According to the case-law of the Court of Justice, words, sounds, colours, etc. taken in isolation do not qualify for copyright protection. Only their original arrangement is protected as an intellectual creation.

The Advocate General makes an important difference in this respect. While originality is required in copyright and, therefore, only those extracts (words, sounds, colours) of a work which are arranged in an original way are eligible for protection, the phonogram is protected as a whole by the economic and organisational investment it entails. Thus, any extract of that phonogram that is used to be incorporated into another phonogram, even if it is a rhythmic sequence of two seconds, will be an interference with the exclusive right of reproduction of the producer of the first phonogram, regardless of whether that extract can be considered original or not.

On the other hand, for the Advocate General, the sampling technique does not meet the necessary requirements for the quotation exception nor the parody, caricature or pastiche exception to apply to it, given that it is neither possible to distinguish the extract incorporated into the new phonogram as an alien element, nor does its incorporation presuppose an interaction with the work used or its author.

Finally, it is important to note that, for the Advocate General, the exception provided for in Article 24(1) UrhG, which would allow a use such as that made by the phonograms producer company Pelham GmbH and Mr. Moses Pelham and Mr. Martin Hass, exceeds the framework of exceptions and limitations of the exclusive rights provided for in Article 5(2) and (3) of the Directive, which do not contain any general exception allowing the use of a work by another person for the purpose of creating a new work.

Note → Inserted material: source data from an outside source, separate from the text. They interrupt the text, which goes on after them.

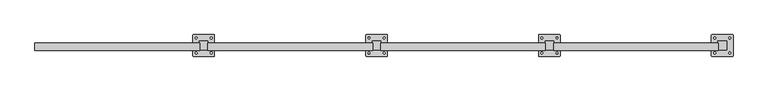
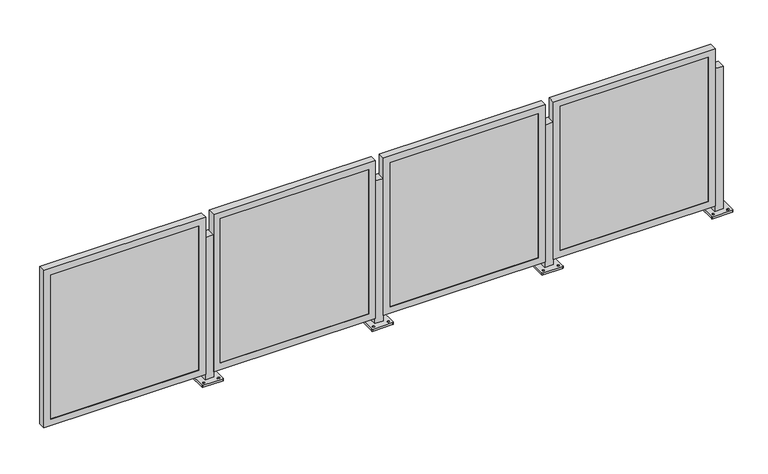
"""IFC4 building model written with IfcOpenShell, lengths in millimetres: railing geometry."""

from ifc_helpers import new_model, si_unit, frame, origin, place, context, project, spatial, polyline, circle_curve, outline, extrude, faceted_brep, source, transform, mapped, element, save
from ifc_brep_helpers import plane_surface, cylinder_surface, revolved_surface, advanced_brep


def railing_f9ef94e7(model_context):
    return source(origin(), model_context, "Body", "SolidModel", [
        advanced_brep(
        [(-18896.2510122, -6796.0307329, 914.4), (-18896.2510122, -6846.8307329, 914.4), (-18845.4510122, -6846.8307329, 914.4), (-18845.4510122, -6796.0307329, 914.4), (-18934.3510123, -6881.7556919, 0.0), (-18934.3510123, -6761.105774, 0.0), (-18931.1759842, -6757.9307458, 0.0), (-18810.5260402, -6757.9307458, 0.0), (-18807.351012, -6761.105774, 0.0), (-18807.351012, -6881.7556919, 0.0), (-18810.5260402, -6884.9307201, 0.0), (-18931.1759842, -6884.9307201, 0.0), (-18915.3009997, -6871.4369876, 0.0), (-18915.3009997, -6860.3244751, 0.0), (-18915.3010106, -6782.5369832, 0.0), (-18915.3010106, -6771.4245016, 0.0), (-18826.4009988, -6871.4369861, 0.0), (-18826.4009988, -6860.3244754, 0.0), (-18826.4010097, -6782.5369817, 0.0), (-18826.4010097, -6771.4245019, 0.0), (-18896.2510122, -6796.0307329, 12.7), (-18896.2510122, -6846.8307329, 12.7), (-18845.4510122, -6846.8307329, 12.7), (-18845.4510122, -6796.0307329, 12.7), (-18934.3510123, -6881.7556919, 12.7), (-18931.1759842, -6884.9307201, 12.7), (-18810.5260402, -6884.9307201, 12.7), (-18807.351012, -6881.7556919, 12.7), (-18807.351012, -6761.105774, 12.7), (-18810.5260402, -6757.9307458, 12.7), (-18931.1759842, -6757.9307458, 12.7), (-18934.3510123, -6761.105774, 12.7), (-18915.3009997, -6871.4369876, 12.7), (-18915.3009997, -6860.3244751, 12.7), (-18915.3010106, -6782.5369832, 12.7), (-18915.3010106, -6771.4245016, 12.7), (-18826.4009988, -6871.4369861, 12.7), (-18826.4009988, -6860.3244754, 12.7), (-18826.4010097, -6782.5369817, 12.7), (-18826.4010097, -6771.4245019, 12.7)],
        [
            (0, 1),
            (1, 2),
            (2, 3),
            (3, 0),
            (4, 5),
            (5, 6, circle_curve(frame((-18931.1759842, -6761.105774, 0.0), z_axis=(0.0, 0.0, -1.0), x_axis=(0.0, 1.0, 0.0)), 3.1750282)),
            (6, 7),
            (7, 8, circle_curve(frame((-18810.5260402, -6761.105774, 0.0), z_axis=(0.0, 0.0, -1.0), x_axis=(0.0, 1.0, 0.0)), 3.1750282)),
            (8, 9),
            (9, 10, circle_curve(frame((-18810.5260402, -6881.7556919, 0.0), z_axis=(0.0, 0.0, -1.0), x_axis=(0.0, 1.0, 0.0)), 3.1750282)),
            (10, 11),
            (11, 4, circle_curve(frame((-18931.1759842, -6881.7556919, 0.0), z_axis=(0.0, 0.0, -1.0), x_axis=(0.0, 1.0, 0.0)), 3.1750282)),
            (12, 13, circle_curve(frame((-18915.3009997, -6865.8807314, 0.0), z_axis=(0.0, 0.0, 1.0), x_axis=(0.0, 1.0, 0.0)), 5.5562562)),
            (13, 12, circle_curve(frame((-18915.3009997, -6865.8807314, 0.0), z_axis=(0.0, 0.0, 1.0), x_axis=(0.0, 1.0, 0.0)), 5.5562562)),
            (14, 15, circle_curve(frame((-18915.3010106, -6776.9807424, 0.0), z_axis=(0.0, 0.0, 1.0), x_axis=(0.0, 1.0, 0.0)), 5.5562408)),
            (15, 14, circle_curve(frame((-18915.3010106, -6776.9807424, 0.0), z_axis=(0.0, 0.0, 1.0), x_axis=(0.0, 1.0, 0.0)), 5.5562408)),
            (16, 17, circle_curve(frame((-18826.4009988, -6865.8807307, 0.0), z_axis=(0.0, 0.0, 1.0), x_axis=(0.0, 1.0, 0.0)), 5.5562553)),
            (17, 16, circle_curve(frame((-18826.4009988, -6865.8807307, 0.0), z_axis=(0.0, 0.0, 1.0), x_axis=(0.0, 1.0, 0.0)), 5.5562553)),
            (18, 19, circle_curve(frame((-18826.4010097, -6776.9807418, 0.0), z_axis=(0.0, 0.0, 1.0), x_axis=(0.0, 1.0, 0.0)), 5.5562399)),
            (19, 18, circle_curve(frame((-18826.4010097, -6776.9807418, 0.0), z_axis=(0.0, 0.0, 1.0), x_axis=(0.0, 1.0, 0.0)), 5.5562399)),
            (0, 20),
            (20, 21),
            (21, 1),
            (21, 22),
            (22, 2),
            (22, 23),
            (23, 3),
            (23, 20),
            (24, 25, circle_curve(frame((-18931.1759842, -6881.7556919, 12.7), z_axis=(0.0, 0.0, 1.0), x_axis=(0.0, 1.0, 0.0)), 3.1750282)),
            (25, 26),
            (26, 27, circle_curve(frame((-18810.5260402, -6881.7556919, 12.7), z_axis=(0.0, 0.0, 1.0), x_axis=(0.0, 1.0, 0.0)), 3.1750282)),
            (27, 28),
            (28, 29, circle_curve(frame((-18810.5260402, -6761.105774, 12.7), z_axis=(0.0, 0.0, 1.0), x_axis=(0.0, 1.0, 0.0)), 3.1750282)),
            (29, 30),
            (30, 31, circle_curve(frame((-18931.1759842, -6761.105774, 12.7), z_axis=(0.0, 0.0, 1.0), x_axis=(0.0, 1.0, 0.0)), 3.1750282)),
            (31, 24),
            (32, 33, circle_curve(frame((-18915.3009997, -6865.8807314, 12.7), z_axis=(0.0, 0.0, -1.0), x_axis=(0.0, 1.0, 0.0)), 5.5562562)),
            (33, 32, circle_curve(frame((-18915.3009997, -6865.8807314, 12.7), z_axis=(0.0, 0.0, -1.0), x_axis=(0.0, 1.0, 0.0)), 5.5562562)),
            (34, 35, circle_curve(frame((-18915.3010106, -6776.9807424, 12.7), z_axis=(0.0, 0.0, -1.0), x_axis=(0.0, 1.0, 0.0)), 5.5562408)),
            (35, 34, circle_curve(frame((-18915.3010106, -6776.9807424, 12.7), z_axis=(0.0, 0.0, -1.0), x_axis=(0.0, 1.0, 0.0)), 5.5562408)),
            (36, 37, circle_curve(frame((-18826.4009988, -6865.8807307, 12.7), z_axis=(0.0, 0.0, -1.0), x_axis=(0.0, 1.0, 0.0)), 5.5562553)),
            (37, 36, circle_curve(frame((-18826.4009988, -6865.8807307, 12.7), z_axis=(0.0, 0.0, -1.0), x_axis=(0.0, 1.0, 0.0)), 5.5562553)),
            (38, 39, circle_curve(frame((-18826.4010097, -6776.9807418, 12.7), z_axis=(0.0, 0.0, -1.0), x_axis=(0.0, 1.0, 0.0)), 5.5562399)),
            (39, 38, circle_curve(frame((-18826.4010097, -6776.9807418, 12.7), z_axis=(0.0, 0.0, -1.0), x_axis=(0.0, 1.0, 0.0)), 5.5562399)),
            (24, 4),
            (11, 25),
            (10, 26),
            (9, 27),
            (8, 28),
            (7, 29),
            (6, 30),
            (5, 31),
            (32, 12),
            (13, 33),
            (34, 14),
            (15, 35),
            (36, 16),
            (17, 37),
            (38, 18),
            (19, 39),
        ],
        [
            plane_surface(frame((-18896.2510122, -6846.8307329, 914.4), z_axis=(0.0, 0.0, 1.0), x_axis=(0.0, -1.0, 0.0))),
            plane_surface(frame((-18896.2510122, -6846.8307329, 0.0), z_axis=(0.0, 0.0, -1.0), x_axis=(0.0, 1.0, 0.0))),
            plane_surface(frame((-18896.2510122, -6796.0307329, 914.4), z_axis=(-1.0, 0.0, 0.0), x_axis=(0.0, 0.0, -1.0))),
            plane_surface(frame((-18896.2510122, -6846.8307329, 914.4), z_axis=(0.0, -1.0, 0.0), x_axis=(0.0, 0.0, -1.0))),
            plane_surface(frame((-18845.4510122, -6846.8307329, 914.4), z_axis=(1.0, 0.0, 0.0), x_axis=(0.0, 0.0, -1.0))),
            plane_surface(frame((-18845.4510122, -6796.0307329, 914.4), z_axis=(0.0, 1.0, 0.0), x_axis=(0.0, 0.0, -1.0))),
            plane_surface(frame((-18931.1759842, -6878.5806638, 12.7), z_axis=(0.0, 0.0, 1.0), x_axis=(-1.0, 0.0, 0.0))),
            cylinder_surface(frame((-18931.1759842, -6881.7556919, 0.0), z_axis=(0.0, 0.0, 1.0), x_axis=(0.0, 1.0, 0.0)), 3.1750282),
            plane_surface(frame((-18931.1759842, -6884.9307201, 12.7), z_axis=(1.1945386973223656e-12, -1.0, 0.0), x_axis=(0.0, 0.0, -1.0))),
            cylinder_surface(frame((-18810.5260402, -6881.7556919, 0.0), z_axis=(0.0, 0.0, 1.0), x_axis=(0.0, 1.0, 0.0)), 3.1750282),
            plane_surface(frame((-18807.351012, -6881.7556919, 12.7), z_axis=(1.0, 0.0, 0.0), x_axis=(0.0, 0.0, -1.0))),
            cylinder_surface(frame((-18810.5260402, -6761.105774, 0.0), z_axis=(0.0, 0.0, 1.0), x_axis=(0.0, 1.0, 0.0)), 3.1750282),
            plane_surface(frame((-18810.5260402, -6757.9307458, 12.7), z_axis=(-1.1946088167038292e-12, 1.0, 0.0), x_axis=(0.0, 0.0, -1.0))),
            cylinder_surface(frame((-18931.1759842, -6761.105774, 0.0), z_axis=(0.0, 0.0, 1.0), x_axis=(0.0, 1.0, 0.0)), 3.1750282),
            plane_surface(frame((-18934.3510123, -6761.105774, 12.7), z_axis=(-1.0, 0.0, 0.0), x_axis=(0.0, 0.0, -1.0))),
            revolved_surface(polyline([(-18915.3009997, -6860.3244752, 0.0), (-18915.3009997, -6860.3244752, 12.7)]), (-18915.3009997, -6865.8807314, 0.0), (0.0, 0.0, -1.0)),
            revolved_surface(polyline([(-18915.3010106, -6771.4245016, 0.0), (-18915.3010106, -6771.4245016, 12.7)]), (-18915.3010106, -6776.9807424, 0.0), (0.0, 0.0, -1.0)),
            revolved_surface(polyline([(-18826.4009988, -6860.3244754, 0.0), (-18826.4009988, -6860.3244754, 12.7)]), (-18826.4009988, -6865.8807307, 0.0), (0.0, 0.0, -1.0)),
            revolved_surface(polyline([(-18826.4010097, -6771.4245019, 0.0), (-18826.4010097, -6771.4245019, 12.7)]), (-18826.4010097, -6776.9807418, 0.0), (0.0, 0.0, -1.0)),
        ],
        [
            (0, [[1, 2, 3, 4]]),
            (1, [[5, 6, 7, 8, 9, 10, 11, 12], [13, 14], [15, 16], [17, 18], [19, 20]]),
            (2, [[-1, 21, 22, 23]]),
            (3, [[-2, -23, 24, 25]]),
            (4, [[-3, -25, 26, 27]]),
            (5, [[-4, -27, 28, -21]]),
            (6, [[29, 30, 31, 32, 33, 34, 35, 36], [-22, -28, -26, -24], [37, 38], [39, 40], [41, 42], [43, 44]]),
            (7, [[-29, 45, -12, 46]]),
            (8, [[-30, -46, -11, 47]]),
            (9, [[-31, -47, -10, 48]]),
            (10, [[-32, -48, -9, 49]]),
            (11, [[-33, -49, -8, 50]]),
            (12, [[-34, -50, -7, 51]]),
            (13, [[-35, -51, -6, 52]]),
            (14, [[-36, -52, -5, -45]]),
            (15, [[-37, 53, -14, 54]]),
            (15, [[-38, -54, -13, -53]]),
            (16, [[-39, 55, -16, 56]]),
            (16, [[-40, -56, -15, -55]]),
            (17, [[-41, 57, -18, 58]]),
            (17, [[-42, -58, -17, -57]]),
            (18, [[-43, 59, -20, 60]]),
            (18, [[-44, -60, -19, -59]]),
        ],
    ),
        faceted_brep([(-19862.6554656, -6849.5739329, 47.625), (-18894.2804656, -6849.5739329, 47.625), (-18894.2804656, -6849.5739329, 1044.575), (-19862.6554656, -6849.5739329, 1044.575), (-19821.3804656, -6849.5739329, 1003.3), (-18935.5554656, -6849.5739329, 1003.3), (-18935.5554656, -6849.5739329, 88.9), (-19821.3804656, -6849.5739329, 88.9), (-19821.3804656, -6846.8307329, 1003.3), (-19821.3804656, -6846.8307329, 88.9), (-19862.6554656, -6805.7006364, 1044.575), (-19862.6554656, -6805.7006364, 47.625), (-19859.4804656, -6805.7006364, 1041.4), (-19859.4804656, -6846.8307329, 1041.4), (-19859.4804656, -6846.8307329, 50.8), (-19859.4804656, -6805.7006364, 50.8), (-18935.5554656, -6846.8307329, 88.9), (-18894.2804656, -6805.7006364, 47.625), (-18897.4554656, -6846.8307329, 50.8), (-18897.4554656, -6805.7006364, 50.8), (-18935.5554656, -6846.8307329, 1003.3), (-18894.2804656, -6805.7006364, 1044.575), (-18897.4554656, -6846.8307329, 1041.4), (-18897.4554656, -6805.7006364, 1041.4)], [[[0, 1, 2, 3], [4, 5, 6, 7]], [[8, 4, 7, 9]], [[3, 10, 11, 0]], [[12, 13, 14, 15]], [[9, 7, 6, 16]], [[0, 11, 17, 1]], [[15, 14, 18, 19]], [[16, 6, 5, 20]], [[1, 17, 21, 2]], [[19, 18, 22, 23]], [[20, 5, 4, 8]], [[10, 21, 17, 11], [15, 19, 23, 12]], [[2, 21, 10, 3]], [[13, 22, 18, 14], [9, 16, 20, 8]], [[23, 22, 13, 12]]]),
        extrude(outline(polyline([(-19859.4804656, -6837.3057329), (-18897.4554656, -6837.3057329), (-18897.4554656, -6846.8307329), (-19859.4804656, -6846.8307329), (-19859.4804656, -6837.3057329)])), frame((0.0, 0.0, 50.8), z_axis=(0.0, 0.0, 1.0), x_axis=(1.0, 0.0, 0.0)), (0.0, 0.0, 1.0), 990.6),
        advanced_brep(
        [(-19912.2510122, -6796.0307329, 914.4), (-19912.2510122, -6846.8307329, 914.4), (-19861.4510122, -6846.8307329, 914.4), (-19861.4510122, -6796.0307329, 914.4), (-19950.3510123, -6881.7556919, 0.0), (-19950.3510123, -6761.105774, 0.0), (-19947.1759842, -6757.9307458, 0.0), (-19826.5260402, -6757.9307458, 0.0), (-19823.351012, -6761.105774, 0.0), (-19823.351012, -6881.7556919, 0.0), (-19826.5260402, -6884.9307201, 0.0), (-19947.1759842, -6884.9307201, 0.0), (-19931.3009997, -6871.4369876, 0.0), (-19931.3009997, -6860.3244751, 0.0), (-19931.3010106, -6782.5369832, 0.0), (-19931.3010106, -6771.4245016, 0.0), (-19842.4009988, -6871.4369861, 0.0), (-19842.4009988, -6860.3244754, 0.0), (-19842.4010097, -6782.5369817, 0.0), (-19842.4010097, -6771.4245019, 0.0), (-19912.2510122, -6796.0307329, 12.7), (-19912.2510122, -6846.8307329, 12.7), (-19861.4510122, -6846.8307329, 12.7), (-19861.4510122, -6796.0307329, 12.7), (-19950.3510123, -6881.7556919, 12.7), (-19947.1759842, -6884.9307201, 12.7), (-19826.5260402, -6884.9307201, 12.7), (-19823.351012, -6881.7556919, 12.7), (-19823.351012, -6761.105774, 12.7), (-19826.5260402, -6757.9307458, 12.7), (-19947.1759842, -6757.9307458, 12.7), (-19950.3510123, -6761.105774, 12.7), (-19931.3009997, -6871.4369876, 12.7), (-19931.3009997, -6860.3244751, 12.7), (-19931.3010106, -6782.5369832, 12.7), (-19931.3010106, -6771.4245016, 12.7), (-19842.4009988, -6871.4369861, 12.7), (-19842.4009988, -6860.3244754, 12.7), (-19842.4010097, -6782.5369817, 12.7), (-19842.4010097, -6771.4245019, 12.7)],
        [
            (0, 1),
            (1, 2),
            (2, 3),
            (3, 0),
            (4, 5),
            (5, 6, circle_curve(frame((-19947.1759842, -6761.105774, 0.0), z_axis=(0.0, 0.0, -1.0), x_axis=(0.0, 1.0, 0.0)), 3.1750282)),
            (6, 7),
            (7, 8, circle_curve(frame((-19826.5260402, -6761.105774, 0.0), z_axis=(0.0, 0.0, -1.0), x_axis=(0.0, 1.0, 0.0)), 3.1750282)),
            (8, 9),
            (9, 10, circle_curve(frame((-19826.5260402, -6881.7556919, 0.0), z_axis=(0.0, 0.0, -1.0), x_axis=(0.0, 1.0, 0.0)), 3.1750282)),
            (10, 11),
            (11, 4, circle_curve(frame((-19947.1759842, -6881.7556919, 0.0), z_axis=(0.0, 0.0, -1.0), x_axis=(0.0, 1.0, 0.0)), 3.1750282)),
            (12, 13, circle_curve(frame((-19931.3009997, -6865.8807314, 0.0), z_axis=(0.0, 0.0, 1.0), x_axis=(0.0, 1.0, 0.0)), 5.5562562)),
            (13, 12, circle_curve(frame((-19931.3009997, -6865.8807314, 0.0), z_axis=(0.0, 0.0, 1.0), x_axis=(0.0, 1.0, 0.0)), 5.5562562)),
            (14, 15, circle_curve(frame((-19931.3010106, -6776.9807424, 0.0), z_axis=(0.0, 0.0, 1.0), x_axis=(0.0, 1.0, 0.0)), 5.5562408)),
            (15, 14, circle_curve(frame((-19931.3010106, -6776.9807424, 0.0), z_axis=(0.0, 0.0, 1.0), x_axis=(0.0, 1.0, 0.0)), 5.5562408)),
            (16, 17, circle_curve(frame((-19842.4009988, -6865.8807307, 0.0), z_axis=(0.0, 0.0, 1.0), x_axis=(0.0, 1.0, 0.0)), 5.5562553)),
            (17, 16, circle_curve(frame((-19842.4009988, -6865.8807307, 0.0), z_axis=(0.0, 0.0, 1.0), x_axis=(0.0, 1.0, 0.0)), 5.5562553)),
            (18, 19, circle_curve(frame((-19842.4010097, -6776.9807418, 0.0), z_axis=(0.0, 0.0, 1.0), x_axis=(0.0, 1.0, 0.0)), 5.5562399)),
            (19, 18, circle_curve(frame((-19842.4010097, -6776.9807418, 0.0), z_axis=(0.0, 0.0, 1.0), x_axis=(0.0, 1.0, 0.0)), 5.5562399)),
            (0, 20),
            (20, 21),
            (21, 1),
            (21, 22),
            (22, 2),
            (22, 23),
            (23, 3),
            (23, 20),
            (24, 25, circle_curve(frame((-19947.1759842, -6881.7556919, 12.7), z_axis=(0.0, 0.0, 1.0), x_axis=(0.0, 1.0, 0.0)), 3.1750282)),
            (25, 26),
            (26, 27, circle_curve(frame((-19826.5260402, -6881.7556919, 12.7), z_axis=(0.0, 0.0, 1.0), x_axis=(0.0, 1.0, 0.0)), 3.1750282)),
            (27, 28),
            (28, 29, circle_curve(frame((-19826.5260402, -6761.105774, 12.7), z_axis=(0.0, 0.0, 1.0), x_axis=(0.0, 1.0, 0.0)), 3.1750282)),
            (29, 30),
            (30, 31, circle_curve(frame((-19947.1759842, -6761.105774, 12.7), z_axis=(0.0, 0.0, 1.0), x_axis=(0.0, 1.0, 0.0)), 3.1750282)),
            (31, 24),
            (32, 33, circle_curve(frame((-19931.3009997, -6865.8807314, 12.7), z_axis=(0.0, 0.0, -1.0), x_axis=(0.0, 1.0, 0.0)), 5.5562562)),
            (33, 32, circle_curve(frame((-19931.3009997, -6865.8807314, 12.7), z_axis=(0.0, 0.0, -1.0), x_axis=(0.0, 1.0, 0.0)), 5.5562562)),
            (34, 35, circle_curve(frame((-19931.3010106, -6776.9807424, 12.7), z_axis=(0.0, 0.0, -1.0), x_axis=(0.0, 1.0, 0.0)), 5.5562408)),
            (35, 34, circle_curve(frame((-19931.3010106, -6776.9807424, 12.7), z_axis=(0.0, 0.0, -1.0), x_axis=(0.0, 1.0, 0.0)), 5.5562408)),
            (36, 37, circle_curve(frame((-19842.4009988, -6865.8807307, 12.7), z_axis=(0.0, 0.0, -1.0), x_axis=(0.0, 1.0, 0.0)), 5.5562553)),
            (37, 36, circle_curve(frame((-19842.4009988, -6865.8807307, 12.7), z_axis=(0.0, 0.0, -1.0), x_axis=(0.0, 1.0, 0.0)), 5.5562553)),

However, even if the looping of a two-second rhythm sequence of a phonogram may be an act of reproduction which is not covered by any exception or limitation and which requires the authorisation of phonogram producers, as is apparent from paragraph 30 of its conclusions, this will only be the case to the extent that the reproduction of that rhythm sequence in the second phonogram is produced by its extraction from the first phonogram, but not if the same rhythm sequence is reproduced by an alternative means not involving the first phonogram.